Premio Racconti nella Rete 2013 “La mia prima volta” di Giovanni Fiorina
Categoria: Premio Racconti nella Rete 2013Era l’inizio di maggio quando la maestra ci diede un tema: Parlo di…
Eravamo dei pippottini di otto anni e la libertà non sapevamo nemmeno cosa fosse, figurarsi se eravamo in grado di gestirla. Un coro bianco di venti vocette si alzò all’istante.
– Maestra! Maestra! Di cosa dobbiamo parlare?
– Di quello che volete – ci rispose lei, senza degnarci di uno sguardo, già concentrata sul giornale aperto sulla cattedra.
Ci guardammo in silenzio, senza fiatare, in preda al panico, fino a quando Antonio Sica chiese se poteva parlare del suo pallone.
– Vi ho detto che potete scrivere di ciò che volete – disse la maestra, ancora senza guardarci.

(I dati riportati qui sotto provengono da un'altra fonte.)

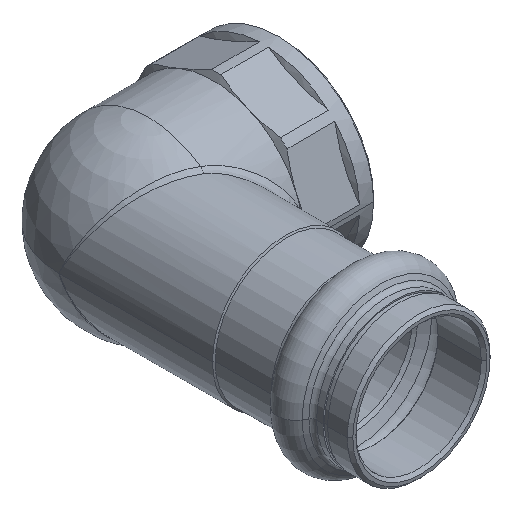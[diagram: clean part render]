
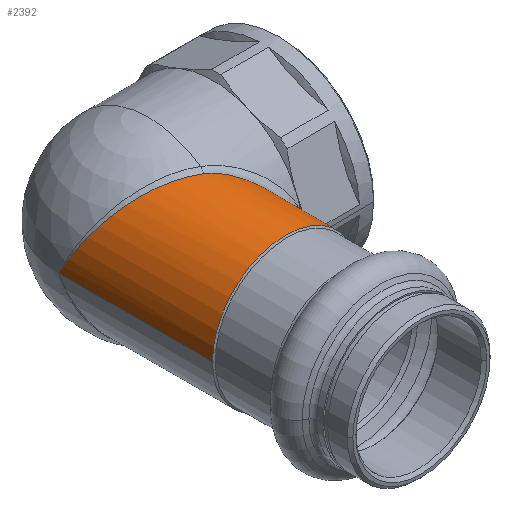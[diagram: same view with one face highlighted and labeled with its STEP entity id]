
A CAD part, isometric view. The second image highlights one B-rep face of the part: STEP entity #2392.
In plain terms, the highlighted cylindrical face has radius 13 mm (diameter 26 mm), a partial arc.
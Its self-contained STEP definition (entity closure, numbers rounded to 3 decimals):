
#39 = CARTESIAN_POINT ( 'NONE',  ( 11.492, -16.577, 6.089 ) ) ;
#52 = CARTESIAN_POINT ( 'NONE',  ( 3.372, -10.65, 12.58 ) ) ;
#176 = DIRECTION ( 'NONE',  ( -1., 0., 0. ) ) ;
#223 = CARTESIAN_POINT ( 'NONE',  ( 2.6, -10.392, 12.737 ) ) ;
#233 = CARTESIAN_POINT ( 'NONE',  ( -8.004, -5.885, 10.255 ) ) ;
#245 = CARTESIAN_POINT ( 'NONE',  ( -12.949, -0.607, 1.175 ) ) ;
#276 = ORIENTED_EDGE ( 'NONE', *, *, #3462, .F. ) ;
#307 = CARTESIAN_POINT ( 'NONE',  ( 13., -18., 0.405 ) ) ;
#324 = CARTESIAN_POINT ( 'NONE',  ( 10.742, -15.892, 7.359 ) ) ;
#499 = CARTESIAN_POINT ( 'NONE',  ( 13., 24.271, 0. ) ) ;
#515 = CARTESIAN_POINT ( 'NONE',  ( -9.077, -5.216, 9.318 ) ) ;
#527 = CARTESIAN_POINT ( 'NONE',  ( -12.994, -0.243, 0.47 ) ) ;
#606 = CARTESIAN_POINT ( 'NONE',  ( 9.62, -14.905, 8.752 ) ) ;
#766 = AXIS2_PLACEMENT_3D ( 'NONE', #862, #1128, #2568 ) ;
#792 = CARTESIAN_POINT ( 'NONE',  ( -0.854, -9.172, 12.981 ) ) ;
#798 = VECTOR ( 'NONE', #3114, 1000. ) ;
#806 = CARTESIAN_POINT ( 'NONE',  ( -10.046, -4.528, 8.264 ) ) ;
#822 = CARTESIAN_POINT ( 'NONE',  ( -13., 0., 0. ) ) ;
#862 = CARTESIAN_POINT ( 'NONE',  ( 0., 24.271, 0. ) ) ;
#883 = CARTESIAN_POINT ( 'NONE',  ( 12.981, -17.982, 0.811 ) ) ;
#896 = CARTESIAN_POINT ( 'NONE',  ( 8.878, -14.279, 9.503 ) ) ;
#949 = CYLINDRICAL_SURFACE ( 'NONE', #766, 13. ) ;
#979 = ORIENTED_EDGE ( 'NONE', *, *, #2629, .T. ) ;
#1004 = AXIS2_PLACEMENT_3D ( 'NONE', #3634, #1843, #176 ) ;
#1062 = VECTOR ( 'NONE', #3599, 1000. ) ;
#1072 = CARTESIAN_POINT ( 'NONE',  ( -2.323, -8.6, 12.8 ) ) ;
#1081 = CARTESIAN_POINT ( 'NONE',  ( -11.393, -3.369, 6.331 ) ) ;
#1128 = DIRECTION ( 'NONE',  ( 0., 1., 0. ) ) ;
#1153 = CARTESIAN_POINT ( 'NONE',  ( 12.847, -17.853, 2.03 ) ) ;
#1160 = CARTESIAN_POINT ( 'NONE',  ( 7.823, -13.427, 10.406 ) ) ;
#1323 = VERTEX_POINT ( 'NONE', #3668 ) ;
#1332 = CARTESIAN_POINT ( 'NONE',  ( -4.217, -7.808, 12.335 ) ) ;
#1344 = CARTESIAN_POINT ( 'NONE',  ( -12.164, -2.418, 4.612 ) ) ;
#1424 = CARTESIAN_POINT ( 'NONE',  ( 12.403, -17.429, 3.972 ) ) ;
#1435 = CARTESIAN_POINT ( 'NONE',  ( 6.053, -12.144, 11.527 ) ) ;
#1483 = CARTESIAN_POINT ( 'NONE',  ( -13., -27.327, 0. ) ) ;
#1616 = CARTESIAN_POINT ( 'NONE',  ( -6.411, -6.757, 11.32 ) ) ;
#1628 = CARTESIAN_POINT ( 'NONE',  ( -12.593, -1.697, 3.263 ) ) ;
#1709 = CARTESIAN_POINT ( 'NONE',  ( 11.827, -16.888, 5.41 ) ) ;
#1725 = CARTESIAN_POINT ( 'NONE',  ( 4.08, -10.986, 12.364 ) ) ;
#1763 = ORIENTED_EDGE ( 'NONE', *, *, #2227, .T. ) ;
#1798 = LINE ( 'NONE', #3319, #1062 ) ;
#1843 = DIRECTION ( 'NONE',  ( 0., 1., 0. ) ) ;
#1892 = CARTESIAN_POINT ( 'NONE',  ( 1.61, -10.062, 12.939 ) ) ;
#1896 = VERTEX_POINT ( 'NONE', #2881 ) ;
#1904 = CARTESIAN_POINT ( 'NONE',  ( -7.623, -6.105, 10.541 ) ) ;
#1918 = CARTESIAN_POINT ( 'NONE',  ( -12.873, -0.97, 1.876 ) ) ;
#1993 = CARTESIAN_POINT ( 'NONE',  ( 11.313, -16.412, 6.416 ) ) ;
#2007 = CARTESIAN_POINT ( 'NONE',  ( 2.6, -10.392, 12.737 ) ) ;
#2066 = B_SPLINE_CURVE_WITH_KNOTS ( 'NONE', 3,
 ( #223, #1892, #2494, #792, #2808, #1072, #3116, #1332, #3410, #1616, #3690, #1904, #233, #2200, #515, #2507, #806, #2822, #1081, #3130, #1344, #3424, #1628, #3700, #1918, #245, #2214, #527, #2526, #822 ),
 .UNSPECIFIED., .F., .F.,
 ( 4, 2, 2, 2, 2, 2, 2, 2, 2, 2, 2, 2, 2, 2, 4 ),
 ( 0., 0.003, 0.005, 0.006, 0.009, 0.011, 0.013, 0.014, 0.016, 0.019, 0.02, 0.022, 0.024, 0.024, 0.025 ),
 .UNSPECIFIED. ) ;
#2200 = CARTESIAN_POINT ( 'NONE',  ( -8.731, -5.441, 9.643 ) ) ;
#2214 = CARTESIAN_POINT ( 'NONE',  ( -12.968, -0.485, 0.94 ) ) ;
#2227 = EDGE_CURVE ( 'NONE', #2702, #1323, #3073, .T. ) ;
#2287 = CARTESIAN_POINT ( 'NONE',  ( 13., -18., 0. ) ) ;
#2301 = CARTESIAN_POINT ( 'NONE',  ( 10.318, -15.512, 7.94 ) ) ;
#2303 = LINE ( 'NONE', #499, #798 ) ;
#2342 = EDGE_CURVE ( 'NONE', #1323, #1896, #2066, .T. ) ;
#2392 = ADVANCED_FACE ( 'NONE', ( #2454 ), #949, .T. ) ;
#2454 = FACE_OUTER_BOUND ( 'NONE', #2935, .T. ) ;
#2494 = CARTESIAN_POINT ( 'NONE',  ( 0.622, -9.718, 13.022 ) ) ;
#2507 = CARTESIAN_POINT ( 'NONE',  ( -9.735, -4.76, 8.629 ) ) ;
#2526 = CARTESIAN_POINT ( 'NONE',  ( -13., -0.12, 0.233 ) ) ;
#2568 = DIRECTION ( 'NONE',  ( -1., 0., 0. ) ) ;
#2612 = CARTESIAN_POINT ( 'NONE',  ( 9.377, -14.698, 9.011 ) ) ;
#2629 = EDGE_CURVE ( 'NONE', #3027, #2921, #3725, .T. ) ;
#2702 = VERTEX_POINT ( 'NONE', #3385 ) ;
#2808 = CARTESIAN_POINT ( 'NONE',  ( -1.344, -8.985, 12.94 ) ) ;
#2822 = CARTESIAN_POINT ( 'NONE',  ( -10.908, -3.834, 7.136 ) ) ;
#2881 = CARTESIAN_POINT ( 'NONE',  ( -13., 0., 0. ) ) ;
#2915 = CARTESIAN_POINT ( 'NONE',  ( 12.905, -17.909, 1.622 ) ) ;
#2921 = VERTEX_POINT ( 'NONE', #3533 ) ;
#2929 = CARTESIAN_POINT ( 'NONE',  ( 8.62, -14.067, 9.737 ) ) ;
#2935 = EDGE_LOOP ( 'NONE', ( #979, #3558, #1763, #3467, #276 ) ) ;
#3027 = VERTEX_POINT ( 'NONE', #1483 ) ;
#3073 = B_SPLINE_CURVE_WITH_KNOTS ( 'NONE', 3,
 ( #2287, #307, #883, #2915, #1153, #3218, #1424, #3500, #1709, #39, #1993, #324, #2301, #606, #2612, #896, #2929, #1160, #3233, #1435, #3514, #1725, #52, #2007 ),
 .UNSPECIFIED., .F., .F.,
 ( 4, 2, 2, 2, 2, 2, 2, 2, 2, 2, 2, 4 ),
 ( 0.019, 0.021, 0.022, 0.024, 0.026, 0.027, 0.029, 0.03, 0.032, 0.034, 0.036, 0.039 ),
 .UNSPECIFIED. ) ;
#3114 = DIRECTION ( 'NONE',  ( 0., 1., 0. ) ) ;
#3116 = CARTESIAN_POINT ( 'NONE',  ( -2.805, -8.403, 12.703 ) ) ;
#3130 = CARTESIAN_POINT ( 'NONE',  ( -11.987, -2.658, 5.052 ) ) ;
#3218 = CARTESIAN_POINT ( 'NONE',  ( 12.621, -17.637, 3.217 ) ) ;
#3233 = CARTESIAN_POINT ( 'NONE',  ( 7.259, -12.994, 10.807 ) ) ;
#3319 = CARTESIAN_POINT ( 'NONE',  ( -13., 24.271, 0. ) ) ;
#3385 = CARTESIAN_POINT ( 'NONE',  ( 13., -18., 0. ) ) ;
#3410 = CARTESIAN_POINT ( 'NONE',  ( -5.12, -7.399, 11.989 ) ) ;
#3424 = CARTESIAN_POINT ( 'NONE',  ( -12.466, -1.937, 3.717 ) ) ;
#3462 = EDGE_CURVE ( 'NONE', #3027, #1896, #1798, .T. ) ;
#3467 = ORIENTED_EDGE ( 'NONE', *, *, #2342, .T. ) ;
#3500 = CARTESIAN_POINT ( 'NONE',  ( 11.983, -17.034, 5.056 ) ) ;
#3514 = CARTESIAN_POINT ( 'NONE',  ( 5.42, -11.732, 11.838 ) ) ;
#3533 = CARTESIAN_POINT ( 'NONE',  ( 13., -27.327, 0. ) ) ;
#3558 = ORIENTED_EDGE ( 'NONE', *, *, #3701, .T. ) ;
#3599 = DIRECTION ( 'NONE',  ( 0., 1., 0. ) ) ;
#3634 = CARTESIAN_POINT ( 'NONE',  ( 0., -27.327, 0. ) ) ;
#3668 = CARTESIAN_POINT ( 'NONE',  ( 2.6, -10.392, 12.737 ) ) ;
#3690 = CARTESIAN_POINT ( 'NONE',  ( -6.828, -6.541, 11.073 ) ) ;
#3700 = CARTESIAN_POINT ( 'NONE',  ( -12.796, -1.213, 2.342 ) ) ;
#3701 = EDGE_CURVE ( 'NONE', #2921, #2702, #2303, .T. ) ;
#3725 = CIRCLE ( 'NONE', #1004, 13. ) ;
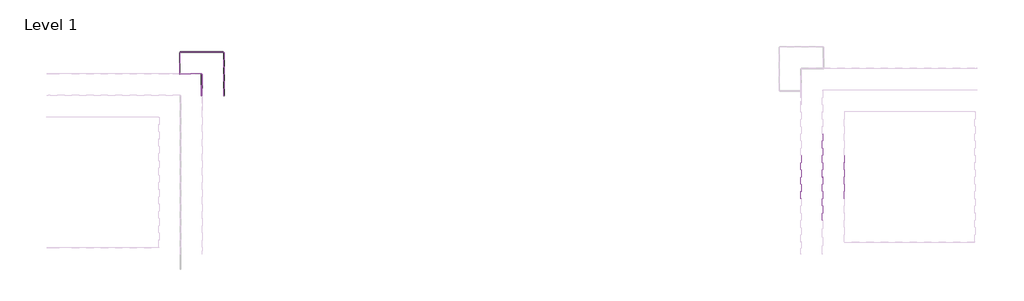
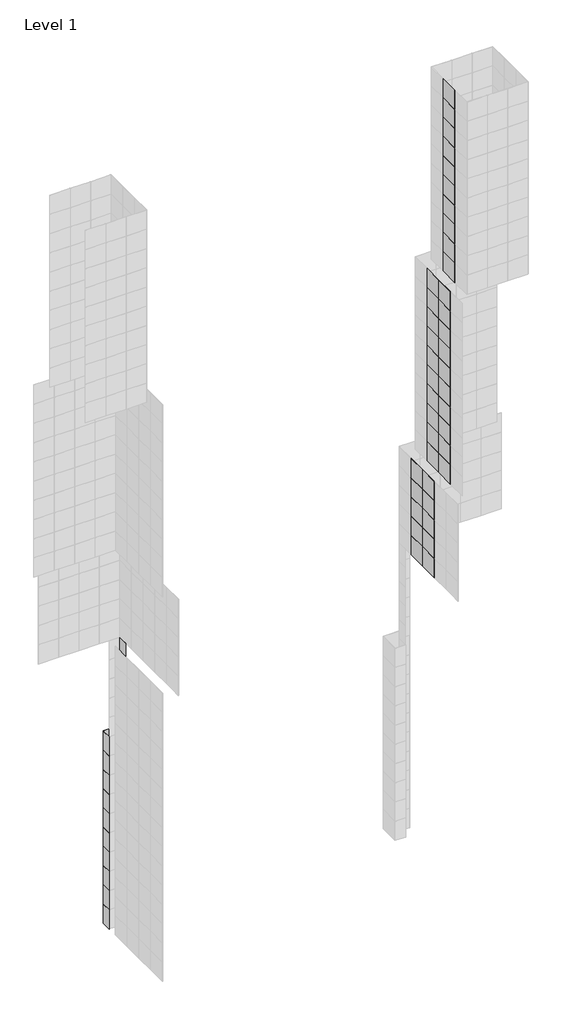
# One storey, part 11 of 15: 135 plates.
"""IFC4 building model written with IfcOpenShell, lengths in millimetres."""

from ifc_helpers import new_model, si_unit, origin, place, context, project, spatial, transform, mapped, element, save
from components import system_panel_glazed_9c75bc08, system_panel_glazed_aa64d645

model = new_model("IFC4")

# Units and contexts
model_context = context("Model", 3, world=origin())
ifc_project = project(units=[si_unit("LENGTHUNIT", "METRE", prefix="MILLI")], contexts=[model_context])

# Site, building, storey
site = spatial("IfcSite", under=ifc_project)
building = spatial("IfcBuilding", under=site)
storey = spatial("IfcBuildingStorey", under=building, Name="Level 1", Elevation=0.0)

# Plates
placement = place(None, origin())
system_panel_glazed_shape = system_panel_glazed_9c75bc08(model_context)
element("IfcPlate", 1, ObjectType="System Panel : Glazed", at=placement, inside=storey, context=model_context, shape_type="MappedRepresentation", body=[
    mapped(system_panel_glazed_shape, transform((-5599.4161695, 8735.9495511, 0.0), x_axis=(0.0, 1.0, 0.0), y_axis=(-1.0, 0.0, 0.0), z_axis=(0.0, 0.0, 1.0))),
])
element("IfcPlate", 2, ObjectType="System Panel : Glazed", at=placement, inside=storey, context=model_context, shape_type="MappedRepresentation", body=[
    mapped(system_panel_glazed_shape, transform((-5599.4161695, 8735.9495511, 3048.0), x_axis=(0.0, 1.0, 0.0), y_axis=(-1.0, 0.0, 0.0), z_axis=(0.0, 0.0, 1.0))),
])
element("IfcPlate", 3, ObjectType="System Panel : Glazed", at=placement, inside=storey, context=model_context, shape_type="MappedRepresentation", body=[
    mapped(system_panel_glazed_shape, transform((-5599.4161695, 8735.9495511, 6096.0), x_axis=(0.0, 1.0, 0.0), y_axis=(-1.0, 0.0, 0.0), z_axis=(0.0, 0.0, 1.0))),
])
element("IfcPlate", 4, ObjectType="System Panel : Glazed", at=placement, inside=storey, context=model_context, shape_type="MappedRepresentation", body=[
    mapped(system_panel_glazed_shape, transform((-5599.4161695, 8735.9495511, 9144.0), x_axis=(0.0, 1.0, 0.0), y_axis=(-1.0, 0.0, 0.0), z_axis=(0.0, 0.0, 1.0))),
])
element("IfcPlate", 5, ObjectType="System Panel : Glazed", at=placement, inside=storey, context=model_context, shape_type="MappedRepresentation", body=[
    mapped(system_panel_glazed_shape, transform((-5599.4161695, 8735.9495511, 12192.0), x_axis=(0.0, 1.0, 0.0), y_axis=(-1.0, 0.0, 0.0), z_axis=(0.0, 0.0, 1.0))),
])
element("IfcPlate", 6, ObjectType="System Panel : Glazed", at=placement, inside=storey, context=model_context, shape_type="MappedRepresentation", body=[
    mapped(system_panel_glazed_shape, transform((-5599.4161695, 8735.9495511, 15240.0), x_axis=(0.0, 1.0, 0.0), y_axis=(-1.0, 0.0, 0.0), z_axis=(0.0, 0.0, 1.0))),
])
element("IfcPlate", 7, ObjectType="System Panel : Glazed", at=placement, inside=storey, context=model_context, shape_type="MappedRepresentation", body=[
    mapped(system_panel_glazed_shape, transform((-5599.4161695, 8735.9495511, 18288.0), x_axis=(0.0, 1.0, 0.0), y_axis=(-1.0, 0.0, 0.0), z_axis=(0.0, 0.0, 1.0))),
])
element("IfcPlate", 8, ObjectType="System Panel : Glazed", at=placement, inside=storey, context=model_context, shape_type="MappedRepresentation", body=[
    mapped(system_panel_glazed_shape, transform((-5599.4161695, 8735.9495511, 21336.0), x_axis=(0.0, 1.0, 0.0), y_axis=(-1.0, 0.0, 0.0), z_axis=(0.0, 0.0, 1.0))),
])
element("IfcPlate", 9, ObjectType="System Panel : Glazed", at=placement, inside=storey, context=model_context, shape_type="MappedRepresentation", body=[
    mapped(system_panel_glazed_shape, transform((-5599.4161695, 8735.9495511, 24384.0), x_axis=(0.0, 1.0, 0.0), y_axis=(-1.0, 0.0, 0.0), z_axis=(0.0, 0.0, 1.0))),
])
element("IfcPlate", 10, ObjectType="System Panel : Glazed", at=placement, inside=storey, context=model_context, shape_type="MappedRepresentation", body=[
    mapped(system_panel_glazed_shape, transform((-5599.4161695, 8735.9495511, 27432.0), x_axis=(0.0, 1.0, 0.0), y_axis=(-1.0, 0.0, 0.0), z_axis=(0.0, 0.0, 1.0))),
])
element("IfcPlate", 11, ObjectType="System Panel : Glazed", at=placement, inside=storey, context=model_context, shape_type="MappedRepresentation", body=[
    mapped(system_panel_glazed_shape, transform((-5599.4161695, 8735.9495511, 30480.0), x_axis=(0.0, 1.0, 0.0), y_axis=(-1.0, 0.0, 0.0), z_axis=(0.0, 0.0, 1.0))),
])
element("IfcPlate", 12, ObjectType="System Panel : Glazed", at=placement, inside=storey, context=model_context, shape_type="MappedRepresentation", body=[
    mapped(system_panel_glazed_shape, transform((-5599.4161695, 8735.9495511, 33528.0), x_axis=(0.0, 1.0, 0.0), y_axis=(-1.0, 0.0, 0.0), z_axis=(0.0, 0.0, 1.0))),
])
element("IfcPlate", 13, ObjectType="System Panel : Glazed", at=placement, inside=storey, context=model_context, shape_type="MappedRepresentation", body=[
    mapped(system_panel_glazed_shape, transform((-5599.4161695, 8735.9495511, 36576.0), x_axis=(0.0, 1.0, 0.0), y_axis=(-1.0, 0.0, 0.0), z_axis=(0.0, 0.0, 1.0))),
])
element("IfcPlate", 14, ObjectType="System Panel : Glazed", at=placement, inside=storey, context=model_context, shape_type="MappedRepresentation", body=[
    mapped(system_panel_glazed_shape, transform((-5599.4161695, 8735.9495511, 39624.0), x_axis=(0.0, 1.0, 0.0), y_axis=(-1.0, 0.0, 0.0), z_axis=(0.0, 0.0, 1.0))),
])
element("IfcPlate", 15, ObjectType="System Panel : Glazed", at=placement, inside=storey, context=model_context, shape_type="MappedRepresentation", body=[
    mapped(system_panel_glazed_shape, transform((-5599.4161695, 8735.9495511, 42672.0), x_axis=(0.0, 1.0, 0.0), y_axis=(-1.0, 0.0, 0.0), z_axis=(0.0, 0.0, 1.0))),
])
element("IfcPlate", 16, ObjectType="System Panel : Glazed", at=placement, inside=storey, context=model_context, shape_type="MappedRepresentation", body=[
    mapped(system_panel_glazed_shape, transform((-6361.4161695, 9497.9495511, 9144.0), x_axis=(-1.0, 0.0, 0.0), y_axis=(0.0, -1.0, 0.0), z_axis=(0.0, 0.0, 1.0))),
])
element("IfcPlate", 17, ObjectType="System Panel : Glazed", at=placement, inside=storey, context=model_context, shape_type="MappedRepresentation", body=[
    mapped(system_panel_glazed_shape, transform((-6361.4161695, 9497.9495511, 12192.0), x_axis=(-1.0, 0.0, 0.0), y_axis=(0.0, -1.0, 0.0), z_axis=(0.0, 0.0, 1.0))),
])
element("IfcPlate", 18, ObjectType="System Panel : Glazed", at=placement, inside=storey, context=model_context, shape_type="MappedRepresentation", body=[
    mapped(system_panel_glazed_shape, transform((-6361.4161695, 9497.9495511, 15240.0), x_axis=(-1.0, 0.0, 0.0), y_axis=(0.0, -1.0, 0.0), z_axis=(0.0, 0.0, 1.0))),
])
element("IfcPlate", 19, ObjectType="System Panel : Glazed", at=placement, inside=storey, context=model_context, shape_type="MappedRepresentation", body=[
    mapped(system_panel_glazed_shape, transform((-6361.4161695, 9497.9495511, 18288.0), x_axis=(-1.0, 0.0, 0.0), y_axis=(0.0, -1.0, 0.0), z_axis=(0.0, 0.0, 1.0))),
])
element("IfcPlate", 20, ObjectType="System Panel : Glazed", at=placement, inside=storey, context=model_context, shape_type="MappedRepresentation", body=[
    mapped(system_panel_glazed_shape, transform((-6361.4161695, 9497.9495511, 21336.0), x_axis=(-1.0, 0.0, 0.0), y_axis=(0.0, -1.0, 0.0), z_axis=(0.0, 0.0, 1.0))),
])
element("IfcPlate", 21, ObjectType="System Panel : Glazed", at=placement, inside=storey, context=model_context, shape_type="MappedRepresentation", body=[
    mapped(system_panel_glazed_shape, transform((-6361.4161695, 9497.9495511, 24384.0), x_axis=(-1.0, 0.0, 0.0), y_axis=(0.0, -1.0, 0.0), z_axis=(0.0, 0.0, 1.0))),
])
element("IfcPlate", 22, ObjectType="System Panel : Glazed", at=placement, inside=storey, context=model_context, shape_type="MappedRepresentation", body=[
    mapped(system_panel_glazed_shape, transform((-6361.4161695, 9497.9495511, 27432.0), x_axis=(-1.0, 0.0, 0.0), y_axis=(0.0, -1.0, 0.0), z_axis=(0.0, 0.0, 1.0))),
])
element("IfcPlate", 23, ObjectType="System Panel : Glazed", at=placement, inside=storey, context=model_context, shape_type="MappedRepresentation", body=[
    mapped(system_panel_glazed_shape, transform((-6361.4161695, 9497.9495511, 30480.0), x_axis=(-1.0, 0.0, 0.0), y_axis=(0.0, -1.0, 0.0), z_axis=(0.0, 0.0, 1.0))),
])
element("IfcPlate", 24, ObjectType="System Panel : Glazed", at=placement, inside=storey, context=model_context, shape_type="MappedRepresentation", body=[
    mapped(system_panel_glazed_shape, transform((-6361.4161695, 9497.9495511, 33528.0), x_axis=(-1.0, 0.0, 0.0), y_axis=(0.0, -1.0, 0.0), z_axis=(0.0, 0.0, 1.0))),
])
element("IfcPlate", 25, ObjectType="System Panel : Glazed", at=placement, inside=storey, context=model_context, shape_type="MappedRepresentation", body=[
    mapped(system_panel_glazed_shape, transform((-6361.4161695, 9497.9495511, 36576.0), x_axis=(-1.0, 0.0, 0.0), y_axis=(0.0, -1.0, 0.0), z_axis=(0.0, 0.0, 1.0))),
])
element("IfcPlate", 26, ObjectType="System Panel : Glazed", at=placement, inside=storey, context=model_context, shape_type="MappedRepresentation", body=[
    mapped(system_panel_glazed_shape, transform((-6361.4161695, 9497.9495511, 39624.0), x_axis=(-1.0, 0.0, 0.0), y_axis=(0.0, -1.0, 0.0), z_axis=(0.0, 0.0, 1.0))),
])
element("IfcPlate", 27, ObjectType="System Panel : Glazed", at=placement, inside=storey, context=model_context, shape_type="MappedRepresentation", body=[
    mapped(system_panel_glazed_shape, transform((-6361.4161695, 9497.9495511, 42672.0), x_axis=(-1.0, 0.0, 0.0), y_axis=(0.0, -1.0, 0.0), z_axis=(0.0, 0.0, 1.0))),
])
element("IfcPlate", 28, ObjectType="System Panel : Glazed", at=placement, inside=storey, context=model_context, shape_type="MappedRepresentation", body=[
    mapped(system_panel_glazed_shape, transform((-5599.4161695, 8735.9495511, 0.0), x_axis=(0.0, -1.0, 0.0), y_axis=(1.0, 0.0, 0.0), z_axis=(0.0, 0.0, 1.0))),
])
element("IfcPlate", 29, ObjectType="System Panel : Glazed", at=placement, inside=storey, context=model_context, shape_type="MappedRepresentation", body=[
    mapped(system_panel_glazed_shape, transform((-5599.4161695, 8735.9495511, 3048.0), x_axis=(0.0, -1.0, 0.0), y_axis=(1.0, 0.0, 0.0), z_axis=(0.0, 0.0, 1.0))),
])
element("IfcPlate", 30, ObjectType="System Panel : Glazed", at=placement, inside=storey, context=model_context, shape_type="MappedRepresentation", body=[
    mapped(system_panel_glazed_shape, transform((-5599.4161695, 8735.9495511, 6096.0), x_axis=(0.0, -1.0, 0.0), y_axis=(1.0, 0.0, 0.0), z_axis=(0.0, 0.0, 1.0))),
])
element("IfcPlate", 31, ObjectType="System Panel : Glazed", at=placement, inside=storey, context=model_context, shape_type="MappedRepresentation", body=[
    mapped(system_panel_glazed_shape, transform((-5599.4161695, 8735.9495511, 9144.0), x_axis=(0.0, -1.0, 0.0), y_axis=(1.0, 0.0, 0.0), z_axis=(0.0, 0.0, 1.0))),
])
element("IfcPlate", 32, ObjectType="System Panel : Glazed", at=placement, inside=storey, context=model_context, shape_type="MappedRepresentation", body=[
    mapped(system_panel_glazed_shape, transform((-5599.4161695, 8735.9495511, 12192.0), x_axis=(0.0, -1.0, 0.0), y_axis=(1.0, 0.0, 0.0), z_axis=(0.0, 0.0, 1.0))),
])
element("IfcPlate", 33, ObjectType="System Panel : Glazed", at=placement, inside=storey, context=model_context, shape_type="MappedRepresentation", body=[
    mapped(system_panel_glazed_shape, transform((-5599.4161695, 8735.9495511, 15240.0), x_axis=(0.0, -1.0, 0.0), y_axis=(1.0, 0.0, 0.0), z_axis=(0.0, 0.0, 1.0))),
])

Rimasi a fissare il foglio bianco per non so quanto tempo. Poi, iniziai a scrivere.
La domenica precedente ero stato per la prima volta nella mia vita allo stadio, al Comunale di Torino, per vedere l’ultima partita di Michel Platini con la maglia della Juventus, insieme a mio papà e al mio compagno di classe Alessandro Donnelli. Decisi di raccontare quella giornata, e più scrivevo del viaggio in pullman con i tifosi, del verde del campo, dell’impermeabile giallo comprato perché pioveva, più mi sembrava che quel pullman, quel campo, quell’impermeabile diventassero come più veri, sulla carta, come più belli, perché più miei.
Non ricordo se la maestra si chiamava Rosella oppure Rossella. Però i suoi capelli neri come uno spavento, gli orecchini grandi da chiromante, i suoi urlacci Fiorina, stai composto! – ci chiamava così, per cognome, nonostante fossimo solo dei bambini – quelli sì, me li ricordo bene.
Insomma, a me faceva un po’ paura, la maestra Rosella o Rossella. Così, quando un paio di giorni dopo mi mandò a chiamare durante la lezione di matematica, mi presero dei brutti pensieri. Rimasi fermo davanti alla porta dell’altra terza per qualche secondo, dopo aver bussato, con il cuore che batteva forte e il cervello che si domandava cosa mai avessi combinato per meritare quella che, ero sicuro, sarebbe stata un’umiliazione davanti a dei bambini che nemmeno conoscevo. Alla fine, come se stessi tuffandomi in una piscina gelata, entrai.
Tutta la 3°D era in piedi ad applaudirmi, il mio tema nella mano della maestra con un ‘ottimo’ scritto in rosso, grande. Io mi guardavo i piedi e non capivo.
– L’ho letto ad alta voce anche a loro, bravissimo! – mi disse la maestra Rosella o Rossella, prendendomi la mano e tirandomi a sé per darmi un bacio sulla guancia, l’orecchino che dondolava come un hula hoop.
Mi stavo già vergognando abbastanza anche senza quel bacio, così mi allontanai dalla maestra il più in fretta possibile. E poi non capivo: potevo essere davvero stato premiato per aver fatto vedere agli altri qualcosa di mio, che avevo scelto io di raccontare e di raccontarlo così? Non mi sembrava possibile.
Non sapevo cosa dire, per questo rimasi in silenzio, continuando a fissarmi i piedi senza vederli, mentre prendevo il tema e mi giravo per uscire dalla classe. Ero convinto sarei esploso entro pochi secondi, tanto mi sentivo rosso in viso. Poi, con un piede già in corridoio, mi girai verso la maestra Rosella o Rossella e bisbigliai un Grazie, i miei occhi che per un attimo guardarono il suo sorriso.
Scritto bene, mi è piaciuto.
L’infanzia, le sue emozioni esplosive, le prime volte…
Terribile questa maestra Rossella o Rosella, con i suoi orecchini da chiromante, che se ne infischia dei suoi scolaretti. Racconto semplice e poetico, che lascia una dolce emozione. Complimenti.
certo che l’alunno Fiorina ha una maestra che si chiama Rossella/Rosella!! È voluto?
No, in realtà no…che lettrice attenta, complimenti!